• RECORD EXTRACTS:
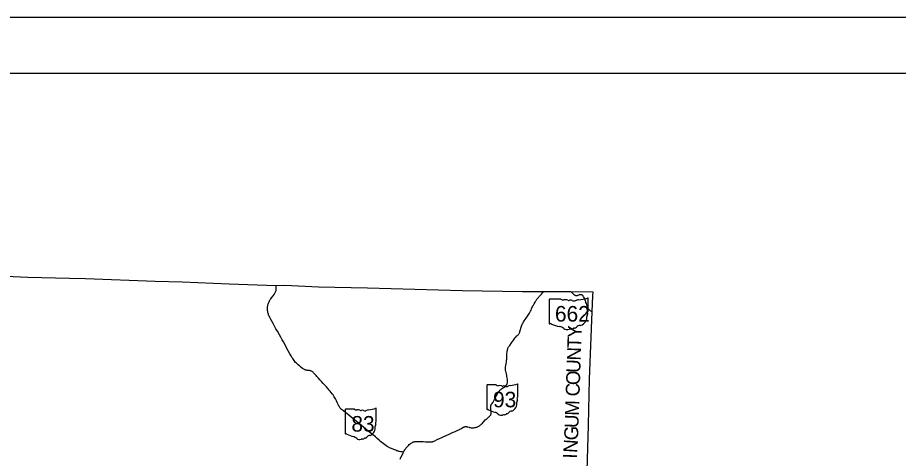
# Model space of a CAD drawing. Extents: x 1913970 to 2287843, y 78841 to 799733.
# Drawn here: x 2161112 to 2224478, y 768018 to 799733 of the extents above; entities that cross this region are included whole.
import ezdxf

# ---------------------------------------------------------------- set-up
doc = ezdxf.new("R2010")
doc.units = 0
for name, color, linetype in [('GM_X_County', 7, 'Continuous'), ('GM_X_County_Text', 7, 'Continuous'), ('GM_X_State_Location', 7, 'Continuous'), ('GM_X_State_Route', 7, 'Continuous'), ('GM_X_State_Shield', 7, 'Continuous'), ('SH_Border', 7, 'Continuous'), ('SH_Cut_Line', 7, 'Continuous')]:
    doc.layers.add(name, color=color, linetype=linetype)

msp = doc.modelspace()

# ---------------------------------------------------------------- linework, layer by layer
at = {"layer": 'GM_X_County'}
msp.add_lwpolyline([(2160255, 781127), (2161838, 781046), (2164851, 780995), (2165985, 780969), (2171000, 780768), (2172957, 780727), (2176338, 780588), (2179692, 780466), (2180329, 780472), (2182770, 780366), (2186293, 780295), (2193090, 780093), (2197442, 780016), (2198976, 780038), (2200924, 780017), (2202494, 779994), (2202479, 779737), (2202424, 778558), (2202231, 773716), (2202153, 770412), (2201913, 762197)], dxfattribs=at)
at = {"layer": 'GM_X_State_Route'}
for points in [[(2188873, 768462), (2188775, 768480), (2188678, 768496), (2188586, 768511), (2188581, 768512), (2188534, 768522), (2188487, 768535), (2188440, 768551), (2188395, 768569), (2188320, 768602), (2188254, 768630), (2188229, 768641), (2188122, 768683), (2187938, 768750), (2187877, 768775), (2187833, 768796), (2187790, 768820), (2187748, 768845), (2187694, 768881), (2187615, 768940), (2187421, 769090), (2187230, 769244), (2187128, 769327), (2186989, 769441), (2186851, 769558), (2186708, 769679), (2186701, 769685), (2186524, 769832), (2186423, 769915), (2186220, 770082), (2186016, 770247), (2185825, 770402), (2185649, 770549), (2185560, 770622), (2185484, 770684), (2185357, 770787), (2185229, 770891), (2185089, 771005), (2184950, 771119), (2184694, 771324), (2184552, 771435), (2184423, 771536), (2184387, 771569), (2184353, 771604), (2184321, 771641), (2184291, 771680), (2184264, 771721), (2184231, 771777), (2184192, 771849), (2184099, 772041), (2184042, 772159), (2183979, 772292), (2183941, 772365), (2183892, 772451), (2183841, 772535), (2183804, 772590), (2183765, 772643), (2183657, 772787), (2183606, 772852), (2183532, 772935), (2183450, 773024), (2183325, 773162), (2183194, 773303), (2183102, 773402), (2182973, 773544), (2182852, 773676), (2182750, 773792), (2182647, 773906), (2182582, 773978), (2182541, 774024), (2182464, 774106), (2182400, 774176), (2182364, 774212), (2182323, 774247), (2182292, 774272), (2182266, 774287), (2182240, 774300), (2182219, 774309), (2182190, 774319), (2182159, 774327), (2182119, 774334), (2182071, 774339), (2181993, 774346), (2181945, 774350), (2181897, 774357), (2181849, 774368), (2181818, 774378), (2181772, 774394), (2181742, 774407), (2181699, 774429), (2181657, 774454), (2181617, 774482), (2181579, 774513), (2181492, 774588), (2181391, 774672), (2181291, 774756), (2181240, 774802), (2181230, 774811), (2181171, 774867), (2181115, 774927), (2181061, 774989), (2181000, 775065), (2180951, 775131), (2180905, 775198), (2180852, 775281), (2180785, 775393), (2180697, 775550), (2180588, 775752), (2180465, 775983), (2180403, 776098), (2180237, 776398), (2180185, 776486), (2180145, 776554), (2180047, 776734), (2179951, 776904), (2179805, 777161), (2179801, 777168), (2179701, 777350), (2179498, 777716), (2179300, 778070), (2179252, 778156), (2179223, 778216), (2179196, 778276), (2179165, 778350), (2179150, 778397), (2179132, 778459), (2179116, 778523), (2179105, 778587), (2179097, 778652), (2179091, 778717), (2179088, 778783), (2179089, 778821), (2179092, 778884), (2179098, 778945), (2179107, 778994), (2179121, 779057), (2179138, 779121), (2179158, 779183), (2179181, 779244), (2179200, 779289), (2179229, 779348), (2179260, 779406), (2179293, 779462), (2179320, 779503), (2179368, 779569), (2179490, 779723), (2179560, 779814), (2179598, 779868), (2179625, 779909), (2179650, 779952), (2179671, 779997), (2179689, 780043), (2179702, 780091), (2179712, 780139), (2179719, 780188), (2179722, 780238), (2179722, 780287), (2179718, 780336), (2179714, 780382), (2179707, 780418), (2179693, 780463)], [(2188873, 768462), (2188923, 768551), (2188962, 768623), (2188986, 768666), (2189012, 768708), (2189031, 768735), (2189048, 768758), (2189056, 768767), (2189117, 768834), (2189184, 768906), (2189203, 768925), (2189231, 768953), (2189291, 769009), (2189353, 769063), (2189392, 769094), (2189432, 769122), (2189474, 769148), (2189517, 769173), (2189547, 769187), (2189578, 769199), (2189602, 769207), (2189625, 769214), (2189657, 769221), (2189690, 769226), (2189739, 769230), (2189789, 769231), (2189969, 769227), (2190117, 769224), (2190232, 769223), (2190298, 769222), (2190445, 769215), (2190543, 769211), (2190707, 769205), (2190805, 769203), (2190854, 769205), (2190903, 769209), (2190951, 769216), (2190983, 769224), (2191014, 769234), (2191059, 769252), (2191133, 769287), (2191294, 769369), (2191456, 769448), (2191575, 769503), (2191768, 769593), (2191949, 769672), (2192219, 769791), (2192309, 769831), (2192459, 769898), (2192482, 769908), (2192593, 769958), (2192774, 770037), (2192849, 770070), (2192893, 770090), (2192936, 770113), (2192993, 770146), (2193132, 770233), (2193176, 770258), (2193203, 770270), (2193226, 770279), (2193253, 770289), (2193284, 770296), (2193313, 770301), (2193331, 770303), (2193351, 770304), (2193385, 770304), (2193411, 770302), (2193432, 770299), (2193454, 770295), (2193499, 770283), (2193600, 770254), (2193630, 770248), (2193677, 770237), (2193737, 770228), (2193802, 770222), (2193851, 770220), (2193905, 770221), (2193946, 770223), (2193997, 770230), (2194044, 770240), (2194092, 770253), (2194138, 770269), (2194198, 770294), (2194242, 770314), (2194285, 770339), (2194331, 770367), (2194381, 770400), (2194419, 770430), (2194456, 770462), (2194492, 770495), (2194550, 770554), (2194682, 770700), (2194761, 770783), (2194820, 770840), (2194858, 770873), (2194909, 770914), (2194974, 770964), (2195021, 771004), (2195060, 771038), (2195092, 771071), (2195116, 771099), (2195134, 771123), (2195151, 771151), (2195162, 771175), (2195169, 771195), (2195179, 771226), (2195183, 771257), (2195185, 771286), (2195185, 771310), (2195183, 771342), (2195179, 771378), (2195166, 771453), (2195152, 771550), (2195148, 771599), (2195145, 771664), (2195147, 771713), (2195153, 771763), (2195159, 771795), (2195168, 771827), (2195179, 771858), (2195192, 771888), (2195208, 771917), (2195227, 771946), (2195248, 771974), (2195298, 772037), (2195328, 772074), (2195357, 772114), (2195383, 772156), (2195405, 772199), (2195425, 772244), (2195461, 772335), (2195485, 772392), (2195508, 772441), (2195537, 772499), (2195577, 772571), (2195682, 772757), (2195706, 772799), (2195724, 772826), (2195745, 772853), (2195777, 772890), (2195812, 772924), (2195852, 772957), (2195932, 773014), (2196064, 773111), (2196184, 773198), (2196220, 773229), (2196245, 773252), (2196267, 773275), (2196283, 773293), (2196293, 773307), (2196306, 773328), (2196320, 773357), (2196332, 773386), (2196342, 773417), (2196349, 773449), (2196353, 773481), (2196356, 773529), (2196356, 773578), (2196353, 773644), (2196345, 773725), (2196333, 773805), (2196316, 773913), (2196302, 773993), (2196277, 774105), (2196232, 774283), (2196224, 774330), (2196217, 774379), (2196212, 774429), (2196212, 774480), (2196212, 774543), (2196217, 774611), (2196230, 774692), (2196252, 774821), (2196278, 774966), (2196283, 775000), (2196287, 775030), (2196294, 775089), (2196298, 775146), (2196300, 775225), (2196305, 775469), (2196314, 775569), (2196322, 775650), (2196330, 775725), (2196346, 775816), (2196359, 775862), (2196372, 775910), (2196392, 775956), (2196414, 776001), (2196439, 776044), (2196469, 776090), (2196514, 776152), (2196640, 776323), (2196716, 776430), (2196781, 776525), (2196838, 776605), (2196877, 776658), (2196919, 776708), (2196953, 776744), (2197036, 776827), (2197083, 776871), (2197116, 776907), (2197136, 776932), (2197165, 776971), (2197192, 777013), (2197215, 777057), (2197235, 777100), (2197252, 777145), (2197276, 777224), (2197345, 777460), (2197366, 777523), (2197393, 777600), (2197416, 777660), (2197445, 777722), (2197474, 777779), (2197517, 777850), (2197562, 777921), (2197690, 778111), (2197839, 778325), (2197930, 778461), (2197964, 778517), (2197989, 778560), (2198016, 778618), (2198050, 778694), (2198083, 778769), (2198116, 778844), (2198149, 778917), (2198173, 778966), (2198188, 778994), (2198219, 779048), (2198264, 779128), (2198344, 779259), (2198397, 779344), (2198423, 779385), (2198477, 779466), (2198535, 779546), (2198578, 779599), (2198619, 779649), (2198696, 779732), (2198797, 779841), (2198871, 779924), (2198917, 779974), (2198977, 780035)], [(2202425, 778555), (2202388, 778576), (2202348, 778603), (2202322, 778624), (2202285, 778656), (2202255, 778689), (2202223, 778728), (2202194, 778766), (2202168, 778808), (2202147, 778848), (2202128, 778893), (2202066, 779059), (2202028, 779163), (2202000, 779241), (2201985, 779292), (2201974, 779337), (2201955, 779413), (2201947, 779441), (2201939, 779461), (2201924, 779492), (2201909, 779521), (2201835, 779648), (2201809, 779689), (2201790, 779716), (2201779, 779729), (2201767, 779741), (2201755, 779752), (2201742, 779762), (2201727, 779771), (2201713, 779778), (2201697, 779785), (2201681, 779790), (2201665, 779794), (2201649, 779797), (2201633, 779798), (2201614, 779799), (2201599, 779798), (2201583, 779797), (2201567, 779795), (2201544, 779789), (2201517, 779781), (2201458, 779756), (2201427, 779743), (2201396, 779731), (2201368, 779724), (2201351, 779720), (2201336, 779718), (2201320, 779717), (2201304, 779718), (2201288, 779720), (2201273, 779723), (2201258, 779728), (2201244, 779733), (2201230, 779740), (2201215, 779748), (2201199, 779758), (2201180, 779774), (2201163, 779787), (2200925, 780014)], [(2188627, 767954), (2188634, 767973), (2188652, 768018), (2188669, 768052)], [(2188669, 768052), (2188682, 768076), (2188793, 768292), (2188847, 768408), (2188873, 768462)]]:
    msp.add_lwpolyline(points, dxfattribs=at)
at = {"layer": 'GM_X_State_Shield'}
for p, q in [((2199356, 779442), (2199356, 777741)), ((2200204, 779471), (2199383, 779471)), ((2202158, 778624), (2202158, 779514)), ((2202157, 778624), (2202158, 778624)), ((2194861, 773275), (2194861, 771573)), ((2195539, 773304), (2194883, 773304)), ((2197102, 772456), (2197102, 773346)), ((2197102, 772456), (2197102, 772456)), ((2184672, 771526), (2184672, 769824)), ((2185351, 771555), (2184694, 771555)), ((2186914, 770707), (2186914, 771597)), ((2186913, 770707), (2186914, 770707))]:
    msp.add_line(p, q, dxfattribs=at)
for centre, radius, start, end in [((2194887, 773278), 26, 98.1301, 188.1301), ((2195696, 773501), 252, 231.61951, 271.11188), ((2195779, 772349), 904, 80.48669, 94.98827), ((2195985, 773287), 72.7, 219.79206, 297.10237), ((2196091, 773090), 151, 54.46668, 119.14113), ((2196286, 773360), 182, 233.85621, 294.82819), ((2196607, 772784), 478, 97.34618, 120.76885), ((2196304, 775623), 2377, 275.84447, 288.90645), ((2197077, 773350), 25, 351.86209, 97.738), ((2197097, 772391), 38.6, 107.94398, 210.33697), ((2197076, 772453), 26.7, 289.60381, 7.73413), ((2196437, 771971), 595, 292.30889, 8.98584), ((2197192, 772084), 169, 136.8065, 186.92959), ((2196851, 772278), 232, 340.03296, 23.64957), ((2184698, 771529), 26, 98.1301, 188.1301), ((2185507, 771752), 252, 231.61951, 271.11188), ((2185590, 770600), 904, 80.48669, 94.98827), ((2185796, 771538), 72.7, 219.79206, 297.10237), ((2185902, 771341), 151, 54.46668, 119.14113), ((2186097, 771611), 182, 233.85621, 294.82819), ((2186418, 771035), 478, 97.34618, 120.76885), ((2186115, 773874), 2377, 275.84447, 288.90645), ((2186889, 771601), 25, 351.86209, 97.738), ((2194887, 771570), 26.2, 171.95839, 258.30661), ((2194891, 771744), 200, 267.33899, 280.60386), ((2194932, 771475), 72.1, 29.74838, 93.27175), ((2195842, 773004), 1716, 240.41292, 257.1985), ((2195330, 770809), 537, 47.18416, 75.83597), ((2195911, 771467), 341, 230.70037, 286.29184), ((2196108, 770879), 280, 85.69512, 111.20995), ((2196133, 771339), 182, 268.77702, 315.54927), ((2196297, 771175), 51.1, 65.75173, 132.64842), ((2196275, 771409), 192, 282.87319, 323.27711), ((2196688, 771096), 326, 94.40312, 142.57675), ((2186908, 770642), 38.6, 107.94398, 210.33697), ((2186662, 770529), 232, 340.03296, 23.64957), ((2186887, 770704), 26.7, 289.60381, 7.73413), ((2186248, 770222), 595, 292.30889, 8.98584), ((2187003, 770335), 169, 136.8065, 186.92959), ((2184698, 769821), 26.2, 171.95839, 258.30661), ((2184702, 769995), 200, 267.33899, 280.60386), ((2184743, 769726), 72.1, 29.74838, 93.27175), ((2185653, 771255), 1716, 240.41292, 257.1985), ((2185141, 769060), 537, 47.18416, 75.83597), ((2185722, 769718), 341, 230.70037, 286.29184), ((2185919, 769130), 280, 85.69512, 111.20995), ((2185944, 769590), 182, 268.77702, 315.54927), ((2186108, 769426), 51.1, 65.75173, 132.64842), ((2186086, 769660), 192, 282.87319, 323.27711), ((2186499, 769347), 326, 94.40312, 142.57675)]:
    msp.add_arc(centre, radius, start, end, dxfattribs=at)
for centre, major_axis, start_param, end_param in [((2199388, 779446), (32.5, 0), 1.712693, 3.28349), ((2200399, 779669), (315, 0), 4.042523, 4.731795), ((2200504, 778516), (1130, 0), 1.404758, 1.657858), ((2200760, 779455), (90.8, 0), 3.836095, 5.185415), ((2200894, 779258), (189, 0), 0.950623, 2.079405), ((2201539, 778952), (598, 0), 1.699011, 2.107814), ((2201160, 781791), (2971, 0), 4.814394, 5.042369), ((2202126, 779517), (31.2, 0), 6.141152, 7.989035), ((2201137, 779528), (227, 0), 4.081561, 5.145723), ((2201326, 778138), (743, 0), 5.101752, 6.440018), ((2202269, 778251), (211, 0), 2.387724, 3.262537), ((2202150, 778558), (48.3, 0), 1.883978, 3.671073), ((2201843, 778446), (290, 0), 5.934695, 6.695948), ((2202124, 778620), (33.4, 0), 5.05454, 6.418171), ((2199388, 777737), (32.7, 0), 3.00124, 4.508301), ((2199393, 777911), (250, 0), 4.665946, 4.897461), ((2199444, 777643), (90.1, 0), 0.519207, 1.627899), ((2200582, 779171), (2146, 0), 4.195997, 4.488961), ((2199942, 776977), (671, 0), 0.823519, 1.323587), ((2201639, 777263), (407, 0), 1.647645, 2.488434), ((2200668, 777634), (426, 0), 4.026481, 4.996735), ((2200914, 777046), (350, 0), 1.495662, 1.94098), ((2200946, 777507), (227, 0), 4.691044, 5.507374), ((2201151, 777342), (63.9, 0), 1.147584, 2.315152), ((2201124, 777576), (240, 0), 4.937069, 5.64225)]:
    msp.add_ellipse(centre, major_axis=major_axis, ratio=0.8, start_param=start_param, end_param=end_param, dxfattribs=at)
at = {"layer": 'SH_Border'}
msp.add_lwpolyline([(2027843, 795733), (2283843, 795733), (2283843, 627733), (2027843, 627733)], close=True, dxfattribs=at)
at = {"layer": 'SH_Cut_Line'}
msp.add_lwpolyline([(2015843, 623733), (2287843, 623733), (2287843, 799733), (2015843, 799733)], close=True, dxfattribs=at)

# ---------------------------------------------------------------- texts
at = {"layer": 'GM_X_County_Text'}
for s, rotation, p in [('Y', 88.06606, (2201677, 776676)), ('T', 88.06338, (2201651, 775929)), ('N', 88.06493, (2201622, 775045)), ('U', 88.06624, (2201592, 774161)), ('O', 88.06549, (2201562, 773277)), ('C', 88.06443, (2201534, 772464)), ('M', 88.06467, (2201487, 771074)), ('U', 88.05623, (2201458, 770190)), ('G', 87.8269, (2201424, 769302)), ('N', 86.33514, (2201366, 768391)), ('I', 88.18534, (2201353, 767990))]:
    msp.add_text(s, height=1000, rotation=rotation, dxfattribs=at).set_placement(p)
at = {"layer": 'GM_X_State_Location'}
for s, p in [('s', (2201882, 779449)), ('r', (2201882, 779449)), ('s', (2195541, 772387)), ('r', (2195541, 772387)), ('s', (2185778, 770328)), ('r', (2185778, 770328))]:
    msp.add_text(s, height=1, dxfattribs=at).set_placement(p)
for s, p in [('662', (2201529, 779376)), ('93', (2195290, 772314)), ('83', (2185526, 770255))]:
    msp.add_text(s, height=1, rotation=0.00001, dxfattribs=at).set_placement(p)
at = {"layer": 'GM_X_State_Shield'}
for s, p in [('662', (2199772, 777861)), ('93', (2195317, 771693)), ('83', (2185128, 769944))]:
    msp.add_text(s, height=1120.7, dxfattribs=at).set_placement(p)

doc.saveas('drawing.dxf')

• WORK TASK: Only the number is needed here: how many lines of the listing include "close"?

• EXPECTED ANSWER: 2